Now what I want to do is transform this list of words into a Bag of Words.
this is a bit of a black box but the objective is the following:
each row is a review (just like we have now),
for each word we create a column (stuff,	going,	moment,	started,...),
if the word "apply" appears once in the message of row 1, in line 1, column "apply" we put a 1,
if the word "account" does not appear in the message of row 1, in line 1, colums "account" we put a 0.

For this we use the library sklearn 

In [20]:
from sklearn.feature_extraction.text import CountVectorizer

#create object
CountVec = CountVectorizer(ngram_range=(1,1), stop_words='english')

#CountVec is an implicit type, like maps and zips.
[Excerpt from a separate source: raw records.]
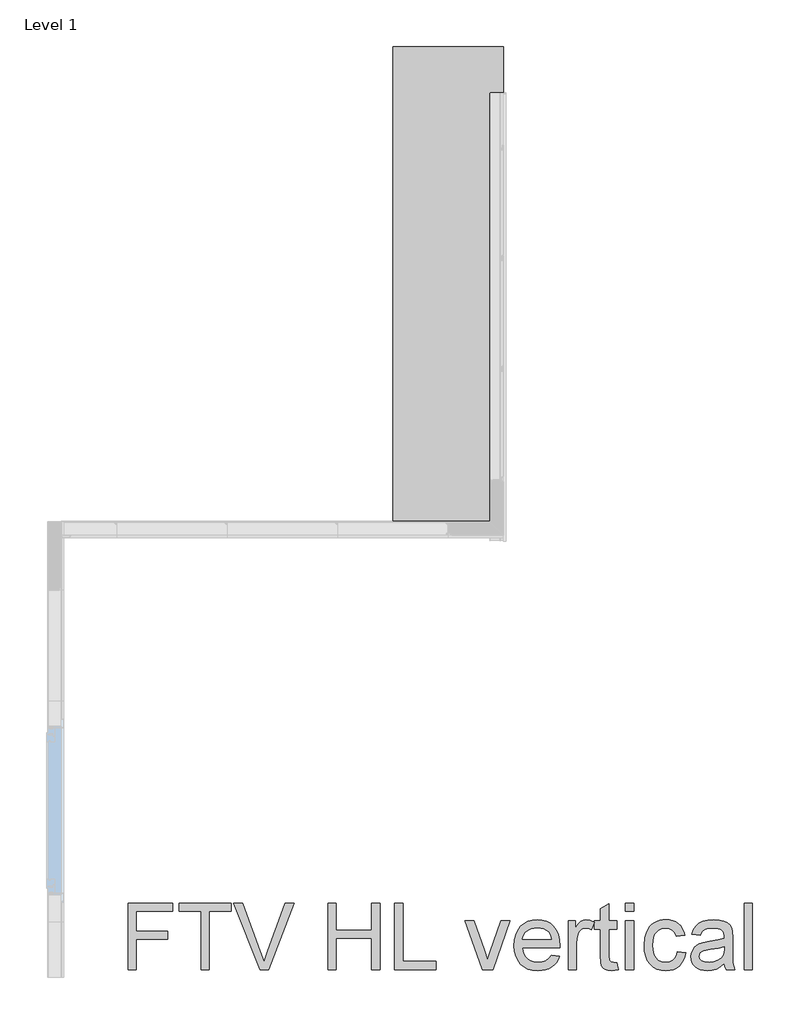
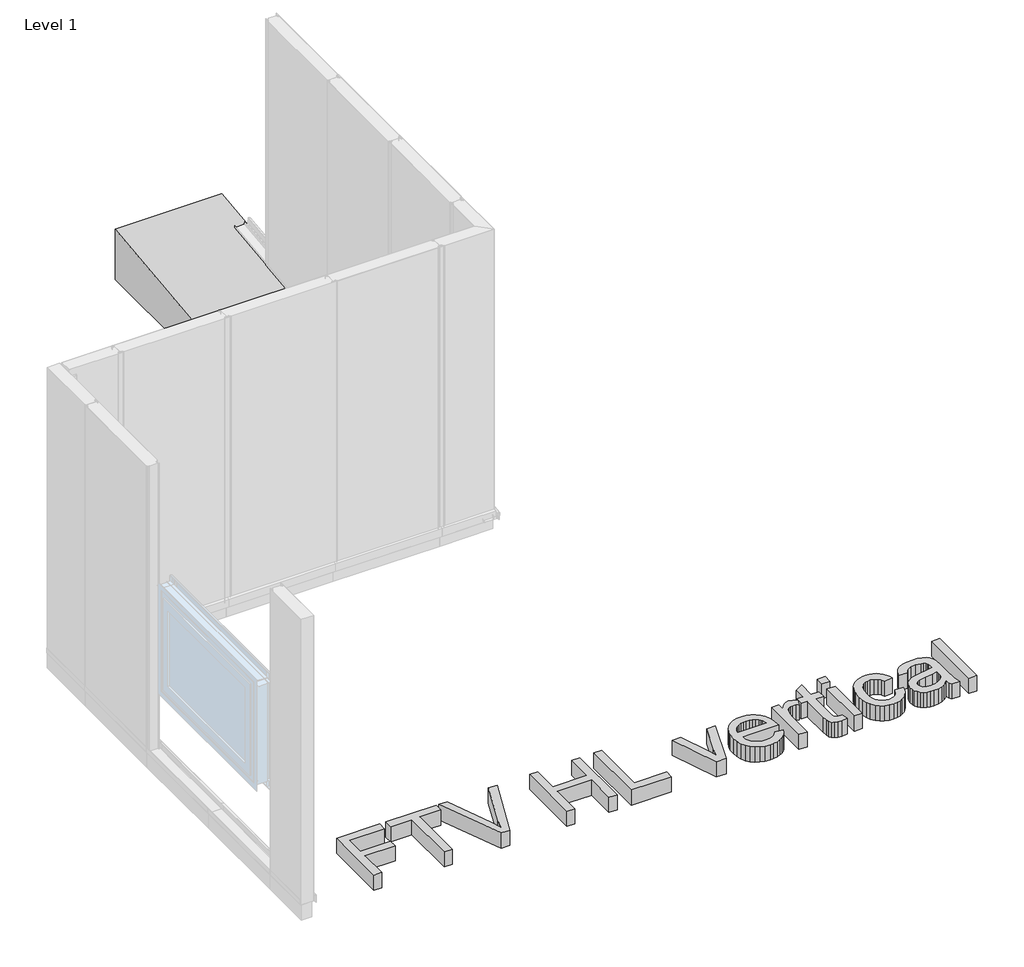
# One storey, part 12 of 12: 2 proxies.
"""IFC4 building model written with IfcOpenShell, lengths in millimetres."""

import ifcopenshell
import ifcopenshell.guid

model = None  # the IFC model being written
_history = None  # IfcOwnerHistory: only IFC2X3 demands one
_inside = {}  # id of a spatial element -> (the spatial element, [elements in it])
_under = {}  # id of a project, library or spatial element -> (it, [spatial elements below it])
_declared = {}  # id of a project -> (the project, [libraries it declares])
_typed = {}  # id of a type object -> (the type object, [elements of that type])
_made_of = {}  # id of a material, layer set ... -> (it, [elements and type objects made of it])


def new_model(schema):
    """Start an empty IFC model of exactly this schema.

    Asked for "IFC4X3", IfcOpenShell would pick the latest addendum, in which some entities
    have other attributes; the version numbers below select the first issue.
    IFC2X3 requires an IfcOwnerHistory on every rooted entity: one is made here for all.
    """
    global model, _history
    if schema == "IFC4X3":
        model = ifcopenshell.file(schema_version=(4, 3, 0, 0))
    else:
        model = ifcopenshell.file(schema=schema)
    _inside.clear()
    _under.clear()
    _declared.clear()
    _typed.clear()
    _made_of.clear()
    _history = None
    if model.schema == "IFC2X3":
        org = make("IfcOrganization", Name="unknown")
        user = make(
            "IfcPersonAndOrganization",
            ThePerson=make("IfcPerson", FamilyName="unknown"),
            TheOrganization=org,
        )
        app = make(
            "IfcApplication",
            ApplicationDeveloper=org,
            Version="unknown",
            ApplicationFullName="unknown",
            ApplicationIdentifier="unknown",
        )
        _history = make(
            "IfcOwnerHistory",
            OwningUser=user,
            OwningApplication=app,
            ChangeAction="ADDED",
            CreationDate=0,
        )
    return model


def make(cls, **values):
    """One entity of the class cls with the attributes given. An attribute that is None is left unset."""
    return model.create_entity(
        cls, **{name: value for name, value in values.items() if value is not None}
    )


def rooted(cls, **values):
    """An entity with a GlobalId (a new one), such as an element, a storey or a relation."""
    return make(cls, GlobalId=ifcopenshell.guid.new(), OwnerHistory=_history, **values)


def si_unit(unit_type, name, prefix=None):
    """IfcSIUnit, for example si_unit("LENGTHUNIT", "METRE", prefix="MILLI")."""
    return make("IfcSIUnit", UnitType=unit_type, Prefix=prefix, Name=name)


def assignment(units):
    """IfcUnitAssignment: the units of a project."""
    return None if units is None else make("IfcUnitAssignment", Units=units)


def point(xyz):
    """IfcCartesianPoint."""
    return None if xyz is None else make("IfcCartesianPoint", Coordinates=xyz)


def direction(xyz):
    """IfcDirection."""
    return None if xyz is None else make("IfcDirection", DirectionRatios=xyz)


def frame(location, z_axis=None, x_axis=None):
    """IfcAxis2Placement3D, a coordinate frame: its origin and axes. An axis left out is left unset."""
    return make(
        "IfcAxis2Placement3D",
        Location=point(location),
        Axis=direction(z_axis),
        RefDirection=direction(x_axis),
    )


def origin():
    """The frame at (0, 0, 0) with its axes left unset."""
    return frame((0.0, 0.0, 0.0))


def origin_with_axes():
    """The frame at (0, 0, 0) with the z axis (0, 0, 1) and the x axis (1, 0, 0) written out."""
    return frame((0.0, 0.0, 0.0), z_axis=(0.0, 0.0, 1.0), x_axis=(1.0, 0.0, 0.0))


def place(relative_to, where):
    """IfcLocalPlacement: puts the frame where relative to a parent placement (None: the world)."""
    return make(
        "IfcLocalPlacement", PlacementRelTo=relative_to, RelativePlacement=where
    )


def context(
    kind, dimensions, precision=None, world=None, true_north=None, identifier=None
):
    """IfcGeometricRepresentationContext, for example the 3D "Model" context."""
    return make(
        "IfcGeometricRepresentationContext",
        ContextIdentifier=identifier,
        ContextType=kind,
        CoordinateSpaceDimension=dimensions,
        Precision=precision,
        WorldCoordinateSystem=world,
        TrueNorth=true_north,
    )


def project(units=None, contexts=None):
    """IfcProject with its units and contexts."""
    return rooted(
        "IfcProject",
        Name="project",
        RepresentationContexts=contexts,
        UnitsInContext=assignment(units),
    )


def spatial(cls, under=None, at=None, **own):
    """A site, building, storey or space (cls), placed at a placement, below another one or the project."""
    s = rooted(cls, ObjectPlacement=at, **own)
    if under is not None:
        _under.setdefault(under.id(), (under, []))[1].append(s)
    return s


def polyline(points):
    """IfcPolyline through the points."""
    return make("IfcPolyline", Points=[point(p) for p in points])


def outline(outer, holes=None, kind="AREA"):
    """IfcArbitraryClosedProfileDef: a profile drawn as a closed curve; with holes, ...WithVoids."""
    if holes is None:
        return make("IfcArbitraryClosedProfileDef", ProfileType=kind, OuterCurve=outer)
    return make(
        "IfcArbitraryProfileDefWithVoids",
        ProfileType=kind,
        OuterCurve=outer,
        InnerCurves=holes,
    )


def extrude(swept, where, along, depth):
    """IfcExtrudedAreaSolid: the profile swept, set in the frame where, extruded along a direction by depth."""
    return make(
        "IfcExtrudedAreaSolid",
        SweptArea=swept,
        Position=where,
        ExtrudedDirection=direction(along),
        Depth=depth,
    )


def shape(context_of_items, identifier, shape_type, items):
    """IfcShapeRepresentation: the items that make up one representation, for example the "Body"."""
    return make(
        "IfcShapeRepresentation",
        ContextOfItems=context_of_items,
        RepresentationIdentifier=identifier,
        RepresentationType=shape_type,
        Items=items,
    )


def made_of(thing, what):
    """Note that an element or type object is made of a material, layer set ...; save() writes the relation."""
    if what is not None:
        _made_of.setdefault(what.id(), (what, []))[1].append(thing)
    return thing


def element(
    cls,
    number,
    at=None,
    inside=None,
    cuts=None,
    type_object=None,
    material=None,
    context=None,
    identifier="Body",
    shape_type=None,
    held_by="IfcProductDefinitionShape",
    body=None,
    shapes=None,
    **own,
):
    """One element of the class cls, such as IfcWall. Its Tag is "e" and its number.

    at: its placement. inside: the storey or other place that contains it. cuts: it is an
    opening in that element (IfcRelVoidsElement). A single representation is given by context,
    identifier, shape_type and body (its items); several are given by shapes. held_by: the class
    of the entity that holds the representations. save() writes the other relations.
    """
    e = rooted(cls, Tag="e%d" % number, ObjectPlacement=at, **own)
    if body is not None:
        shapes = [shape(context, identifier, shape_type, body)]
    if shapes is not None:
        e.Representation = make(held_by, Representations=shapes)
    if inside is not None:
        _inside.setdefault(inside.id(), (inside, []))[1].append(e)
    if cuts is not None:
        rooted(
            "IfcRelVoidsElement", RelatingBuildingElement=cuts, RelatedOpeningElement=e
        )
    if type_object is not None:
        _typed.setdefault(type_object.id(), (type_object, []))[1].append(e)
    return made_of(e, material)


def aggregate(whole, parts):
    """IfcRelAggregates: a whole, such as a stair, and the parts it consists of."""
    return rooted("IfcRelAggregates", RelatingObject=whole, RelatedObjects=parts)


def save(model, path):
    """Write the relations noted so far, then the file.

    IfcRelAggregates (storeys below a building ...), IfcRelContainedInSpatialStructure (elements
    in a storey), IfcRelDefinesByType, IfcRelAssociatesMaterial and IfcRelDeclares: one each for
    every whole, place, type object, material and project.
    """
    for whole, parts in _under.values():
        aggregate(whole, parts)
    for where, things in _inside.values():
        rooted(
            "IfcRelContainedInSpatialStructure",
            RelatedElements=things,
            RelatingStructure=where,
        )
    for kind, things in _typed.values():
        rooted("IfcRelDefinesByType", RelatedObjects=things, RelatingType=kind)
    for what, things in _made_of.values():
        rooted("IfcRelAssociatesMaterial", RelatedObjects=things, RelatingMaterial=what)
    for by, libraries in _declared.values():
        rooted("IfcRelDeclares", RelatingContext=by, RelatedDefinitions=libraries)
    model.write(path)


model = new_model("IFC4")

# Units and contexts
model_context = context("Model", 3, world=origin())
ifc_project = project(units=[si_unit("LENGTHUNIT", "METRE", prefix="MILLI")], contexts=[model_context])

# Site, building, storey
site = spatial("IfcSite", under=ifc_project)
building = spatial("IfcBuilding", under=site)
storey = spatial("IfcBuildingStorey", under=building, Name="Level 1", Elevation=0.0)

# Proxies
placement = place(None, origin())
element("IfcBuildingElementProxy", 1, Name="600mm Arial", ObjectType="600mm Arial", at=placement, inside=storey, context=model_context, shape_type="SweptSolid", body=[
    extrude(outline(polyline([(-7390.6707281, 40.1047651), (-7390.6707281, 642.842626), (-6985.7062278, 642.842626), (-6985.7062278, 567.5003934), (-7315.3284955, 567.5003934), (-7315.3284955, 388.562591), (-7032.7951232, 388.562591), (-7032.7951232, 313.2203583), (-7315.3284955, 313.2203583), (-7315.3284955, 40.1047651), (-7390.6707281, 40.1047651)])), origin_with_axes(), (0.0, 0.0, 1.0), 150.0),
    extrude(outline(polyline([(-6731.4261928, 40.1047651), (-6731.4261928, 567.5003934), (-6929.1995534, 567.5003934), (-6929.1995534, 642.842626), (-6458.3105995, 642.842626), (-6458.3105995, 567.5003934), (-6656.0839602, 567.5003934), (-6656.0839602, 40.1047651), (-6731.4261928, 40.1047651)])), origin_with_axes(), (0.0, 0.0, 1.0), 150.0),
    extrude(outline(polyline([(-6195.4957022, 40.1047651), (-6435.354763, 642.842626), (-6354.7150297, 642.842626), (-6194.171327, 208.5947189), (-6161.6505586, 110.7381082), (-6129.5712487, 208.5947189), (-5968.5860876, 642.842626), (-5887.9463542, 642.842626), (-6117.651872, 40.1047651), (-6195.4957022, 40.1047651)])), origin_with_axes(), (0.0, 0.0, 1.0), 150.0),
    extrude(outline(polyline([(-5582.4571454, 40.1047651), (-5582.4571454, 642.842626), (-5507.1149128, 642.842626), (-5507.1149128, 397.98037), (-5186.9104242, 397.98037), (-5186.9104242, 642.842626), (-5111.5681916, 642.842626), (-5111.5681916, 40.1047651), (-5186.9104242, 40.1047651), (-5186.9104242, 322.6381374), (-5507.1149128, 322.6381374), (-5507.1149128, 40.1047651), (-5582.4571454, 40.1047651)])), origin_with_axes(), (0.0, 0.0, 1.0), 150.0),
    extrude(outline(polyline([(-4979.7192845, 40.1047651), (-4979.7192845, 642.842626), (-4904.3770519, 642.842626), (-4904.3770519, 115.4469977), (-4603.0081215, 115.4469977), (-4603.0081215, 40.1047651), (-4979.7192845, 40.1047651)])), origin_with_axes(), (0.0, 0.0, 1.0), 150.0),
    extrude(outline(polyline([(-4183.622647, 40.1047651), (-4339.3103073, 482.7403817), (-4259.5534908, 482.7403817), (-4165.2285472, 217.5710396), (-4136.8280572, 128.396444), (-4109.0161783, 212.5678445), (-4014.1026236, 482.7403817), (-3934.345807, 482.7403817), (-4088.120481, 40.1047651), (-4183.622647, 40.1047651)])), origin_with_axes(), (0.0, 0.0, 1.0), 150.0),
    extrude(outline(polyline([(-3558.5175608, 171.9536722), (-3484.6468561, 162.5358931), (-3495.9730231, 132.9489837), (-3511.2631185, 106.8753472), (-3530.5171424, 84.3149839), (-3553.7350948, 65.2678936), (-3580.6778524, 50.1387465), (-3611.106292, 39.3322129), (-3645.0204134, 32.8482928), (-3682.4202167, 30.686986), (-3729.1688213, 34.4163898), (-3770.8222602, 45.6046009), (-3807.3805334, 64.2516196), (-3838.8436411, 90.3574457), (-3864.1447253, 123.1955123), (-3882.2169283, 162.0392524), (-3893.0602501, 206.8886662), (-3896.6746907, 257.7437535), (-3893.0234619, 310.3232876), (-3882.0697755, 356.667222), (-3863.8136315, 396.7755565), (-3838.2550299, 430.6482912), (-3806.8746957, 457.5588591), (-3771.153354, 476.7806934), (-3731.0910047, 488.3137939), (-3686.6876479, 492.1581608), (-3643.7144323, 488.322991), (-3604.8522981, 476.8174816), (-3570.1012451, 457.6416326), (-3539.4612734, 430.795444), (-3514.4498963, 396.9962857), (-3496.5846269, 356.9615276), (-3485.8654652, 310.6911696), (-3482.2924114, 258.1852119), (-3482.7338698, 237.8781257), (-3821.3324581, 237.8781257), (-3816.9684579, 207.8129697), (-3808.2910414, 181.4818159), (-3795.3002084, 158.8846643), (-3777.9959591, 140.021515), (-3757.3347865, 125.1498854), (-3734.273184, 114.5272927), (-3708.8111514, 108.1537372), (-3680.9486888, 106.0292187), (-3640.8495513, 109.965556), (-3607.0779841, 121.774568), (-3579.6339873, 142.1920188), (-3558.5175608, 171.9536722)]), holes=[polyline([(-3821.3324581, 313.2203583), (-3557.634644, 313.2203583), (-3567.8249752, 353.0251902), (-3576.5897638, 368.6785691), (-3587.8009676, 381.4992566), (-3608.347177, 396.9503004), (-3631.7260778, 407.9867603), (-3657.93767, 414.6086362), (-3686.9819535, 416.8159282), (-3713.4740557, 415.0546931), (-3737.7680629, 409.770988), (-3759.8639752, 400.9648127), (-3779.7617927, 388.6361673), (-3796.4590367, 373.355269), (-3808.953229, 355.6923347), (-3817.2443694, 335.6473645), (-3821.3324581, 313.2203583)])]), origin_with_axes(), (0.0, 0.0, 1.0), 150.0),
    extrude(outline(polyline([(-3406.9501787, 40.1047651), (-3406.9501787, 482.7403817), (-3341.0257252, 482.7403817), (-3341.0257252, 417.2573866), (-3316.6719371, 455.2228085), (-3294.2311354, 477.5900338), (-3271.7167573, 488.516129), (-3247.14224, 492.1581608), (-3209.6182765, 486.3456253), (-3171.5057018, 468.9080187), (-3196.6688303, 401.3648844), (-3223.156334, 412.9531672), (-3249.6438376, 416.8159282), (-3272.1398216, 413.10032), (-3292.2445727, 401.9534956), (-3308.4865627, 384.2215834), (-3319.3942639, 360.7507121), (-3328.5545256, 318.6650119), (-3331.6079461, 272.7533389), (-3331.6079461, 40.1047651), (-3406.9501787, 40.1047651)])), origin_with_axes(), (0.0, 0.0, 1.0), 150.0),
    extrude(outline(polyline([(-2964.3145622, 102.9390099), (-2954.8967831, 37.8974731), (-3011.2563047, 30.686986), (-3047.4191049, 33.813983), (-3074.3848551, 43.1949739), (-3093.4411425, 57.6527363), (-3105.8755539, 76.0100478), (-3112.718159, 107.5375348), (-3114.9990274, 161.5058235), (-3114.9990274, 407.3981491), (-3171.5057018, 407.3981491), (-3171.5057018, 482.7403817), (-3114.9990274, 482.7403817), (-3114.9990274, 590.3090771), (-3039.6567948, 634.6020693), (-3039.6567948, 482.7403817), (-2964.3145622, 482.7403817), (-2964.3145622, 407.3981491), (-3039.6567948, 407.3981491), (-3039.6567948, 163.7131155), (-3035.6836692, 124.8647768), (-3022.8077994, 111.1059902), (-3011.9368864, 107.2984115), (-2997.1296361, 106.0292187), (-2964.3145622, 102.9390099)])), origin_with_axes(), (0.0, 0.0, 1.0), 150.0),
    extrude(outline(polyline([(-2888.9723295, 567.5003934), (-2888.9723295, 642.842626), (-2813.6300969, 642.842626), (-2813.6300969, 567.5003934), (-2888.9723295, 567.5003934)])), origin_with_axes(), (0.0, 0.0, 1.0), 150.0),
    extrude(outline(polyline([(-2888.9723295, 40.1047651), (-2888.9723295, 482.7403817), (-2813.6300969, 482.7403817), (-2813.6300969, 40.1047651), (-2888.9723295, 40.1047651)])), origin_with_axes(), (0.0, 0.0, 1.0), 150.0),
    extrude(outline(polyline([(-2418.0833757, 200.2070094), (-2342.7411431, 190.7892303), (-2350.9357145, 155.238034), (-2363.747205, 123.7795249), (-2381.1756145, 96.413703), (-2403.2209431, 73.1405683), (-2428.9542887, 54.5671261), (-2457.4467492, 41.3003816), (-2488.6983247, 33.3403349), (-2522.7090151, 30.686986), (-2564.9648608, 34.3887986), (-2602.8521078, 45.4942363), (-2636.3707561, 64.0032992), (-2665.5208057, 89.9159873), (-2689.1158371, 122.7448568), (-2705.969431, 162.0024642), (-2716.0815874, 207.6888095), (-2719.4523062, 259.8038926), (-2713.6949529, 326.8503863), (-2706.4982614, 357.0213084), (-2696.4228933, 384.9573474), (-2683.3998706, 410.0974832), (-2667.3602156, 431.8806959), (-2648.3039283, 450.3069853), (-2626.2310086, 465.3763515), (-2602.1393364, 477.0933931), (-2577.0267917, 485.4627085), (-2550.8933745, 490.4842977), (-2523.7390847, 492.1581608), (-2490.3124069, 489.8588983), (-2460.0771055, 482.9611109), (-2433.0331803, 471.4647986), (-2409.1806314, 455.3699613), (-2388.9241291, 435.044481), (-2372.6683434, 410.8562399), (-2360.4132744, 382.8052377), (-2352.1589222, 350.8914746), (-2427.5011548, 341.4736956), (-2441.1679709, 374.3439518), (-2462.4499443, 397.9067936), (-2490.1698527, 412.0886445), (-2523.1504735, 416.8159282), (-2548.7504619, 414.4890746), (-2571.8396556, 407.5085137), (-2592.4180547, 395.8742456), (-2610.4856592, 379.5862703), (-2625.1963405, 358.2675086), (-2635.70397, 331.5408817), (-2642.0085477, 299.4063894), (-2644.1100736, 261.8640318), (-2642.0545329, 223.7560556), (-2635.887911, 191.2490828), (-2625.6102077, 164.3431134), (-2611.2214232, 143.0381474), (-2593.5125036, 126.8467411), (-2573.2743954, 115.2814508), (-2550.5070984, 108.3422767), (-2525.2106127, 106.0292187), (-2486.1967271, 111.804966), (-2469.3247391, 119.0246501), (-2454.2093876, 129.132208), (-2441.273737, 142.238004), (-2430.9408514, 158.452403), (-2423.210731, 177.7754048), (-2418.0833757, 200.2070094)])), origin_with_axes(), (0.0, 0.0, 1.0), 150.0),
    extrude(outline(polyline([(-1994.2833173, 96.6114396), (-2030.2805705, 65.7461402), (-2067.3446815, 45.5494186), (-2106.3217789, 34.4025942), (-2148.0579913, 30.686986), (-2181.6042307, 32.9218692), (-2211.0209947, 39.6265185), (-2236.3082834, 50.8009341), (-2257.4660966, 66.445116), (-2274.1725377, 85.5657827), (-2286.1057099, 107.1696528), (-2293.2656133, 131.2567265), (-2295.6522477, 157.8270036), (-2292.0470042, 189.060185), (-2281.2312735, 217.4238868), (-2264.547825, 241.7040985), (-2243.339428, 260.6868094), (-2218.4154228, 275.0342072), (-2190.5851499, 285.4084795), (-2125.3964604, 296.739245), (-2048.3619706, 308.6586216), (-1994.7247757, 322.6381374), (-1994.2833173, 339.4135564), (-1999.4704534, 373.0379708), (-2005.9543736, 385.4907763), (-2015.0318618, 395.0373141), (-2030.7220289, 404.5654577), (-2049.8334985, 411.3712747), (-2098.3203455, 416.8159282), (-2143.2019489, 413.1922905), (-2174.5454949, 402.3213776), (-2195.9194388, 382.2166265), (-2210.892236, 350.8914746), (-2286.2344686, 360.3092537), (-2273.1562637, 401.5120372), (-2253.6401239, 433.8856528), (-2225.8650332, 458.644111), (-2188.0099759, 477.0014226), (-2141.7120268, 488.3689762), (-2088.6082608, 492.1581608), (-2037.6749986, 488.8104346), (-1997.2999496, 478.7672562), (-1966.8577145, 463.6657003), (-1945.7228939, 445.1428418), (-1931.7065899, 422.2421876), (-1922.6199046, 394.0072445), (-1918.9410847, 328.0827909), (-1918.9410847, 234.3464586), (-1915.1151119, 103.4540447), (-1909.4497292, 71.0988232), (-1900.1055265, 40.1047651), (-1975.4477591, 40.1047651), (-1987.5142886, 66.2979632), (-1994.2833173, 96.6114396)]), holes=[polyline([(-1994.2833173, 247.2959048), (-2044.9038798, 234.7511288), (-2115.8315285, 224.1929155), (-2180.652336, 211.9792333), (-2197.5197255, 203.628312), (-2210.0093192, 192.1136055), (-2217.7348411, 178.3180307), (-2220.3100151, 163.1245043), (-2214.6998147, 140.7204908), (-2197.8692134, 122.3631792), (-2170.1860933, 110.1127088), (-2132.0183363, 106.0292187), (-2091.5513168, 110.5357731), (-2055.7931869, 124.0554364), (-2026.8040856, 143.9762465), (-2006.6441523, 167.686241), (-1997.7046198, 192.1136055), (-1994.7247757, 225.9587491), (-1994.2833173, 247.2959048)])]), origin_with_axes(), (0.0, 0.0, 1.0), 150.0),
    extrude(outline(polyline([(-1815.3455148, 40.1047651), (-1815.3455148, 642.842626), (-1740.0032822, 642.842626), (-1740.0032822, 40.1047651), (-1815.3455148, 40.1047651)])), origin_with_axes(), (0.0, 0.0, 1.0), 150.0),
])
element("IfcBuildingElementProxy", 2, Name="Mass 8 : Mass 2", ObjectType="Mass 8 : Mass 2", at=placement, inside=storey, context=model_context, shape_type="SweptSolid", body=[
    extrude(outline(polyline([(4089.6069121, 150.0), (8389.6069121, 650.0), (8389.6069121, 150.0), (4089.6069121, 150.0)])), frame((-4994.1155057, 0.0, 0.0), z_axis=(1.0, 0.0, 0.0), x_axis=(0.0, 1.0, 0.0)), (0.0, 0.0, 1.0), 1000.0),
])

save(model, "model.ifc")

Let-s make it explicit
Count_data = CountVec.fit_transform(review_data_clean['review'].apply((lambda x: " ".join(x))))

#Now let's make Count_data into a dataframe
cv_dataframe=pd.DataFrame(Count_data.toarray(),columns=CountVec.get_feature_names())

#we only care about words that show up at least in 30 reviews
cv_dataframe=cv_dataframe.loc[:,(cv_dataframe.sum() >29)]
cv_dataframe.head()

Unnamed: 0,1920s,1930s,1940s,1950s,1960s,1970s,1980s,1990s,aaron,abandon,...,zealand,zelah,zenia,zhang,zizek,zodiac,zombi,zombie,zombies,zorro
0,0,0,0,0,0,0,0,0,0,0,...,0,0,0,0,0,0,0,0,0,0
1,0,0,0,0,0,0,0,0,0,0,...,0,0,0,0,0,0,0,0,0,0
2,0,0,0,0,0,0,0,0,0,0,...,0,0,0,0,0,0,0,0,0,0
3,0,0,0,0,0,0,0,0,0,0,...,0,0,0,0,0,0,0,0,0,0
4,0,0,0,0,0,0,0,0,0,0,...,0,0,0,0,0,0,0,0,0,0


In [21]:
#we can now add back the reviews so it's easier to peruse the dataset
review_bow = pd.merge(left=review_data_clean,
                   right=cv_dataframe,
                   left_index=True,
                   right_index=True)

display(review_bow.head())

Unnamed: 0,id,sentiment_x,review_x,1920s,1930s,1940s,1950s,1960s,1970s,1980s,...,zealand,zelah,zenia,zhang,zizek,zodiac,zombi,zombie,zombies,zorro
0,5814_8,1,"[stuff, going, moment, started, listening, mus...",0,0,0,0,0,0,0,...,0,0,0,0,0,0,0,0,0,0
1,2381_9,1,"[Classic, Worlds, Timothy, Hines, entertaining...",0,0,0,0,0,0,0,...,0,0,0,0,0,0,0,0,0,0
2,7759_3,0,"[starts, manager, Nicholas, giving, welcome, i...",0,0,0,0,0,0,0,...,0,0,0,0,0,0,0,0,0,0
3,3630_4,0,"[assumed, those, praised, greatest, filmed, op...",0,0,0,0,0,0,0,...,0,0,0,0,0,0,0,0,0,0
4,9495_8,1,"[Superbly, trashy, wondrously, unpretentious, ...",0,0,0,0,0,0,0,...,0,0,0,0,0,0,0,0,0,0


## Training the model 

We will use the frequency of words that show up in positive / non-positive reviews as clues. Messages where a lot of "bad words" appear will be more likely tagged as "non-positive".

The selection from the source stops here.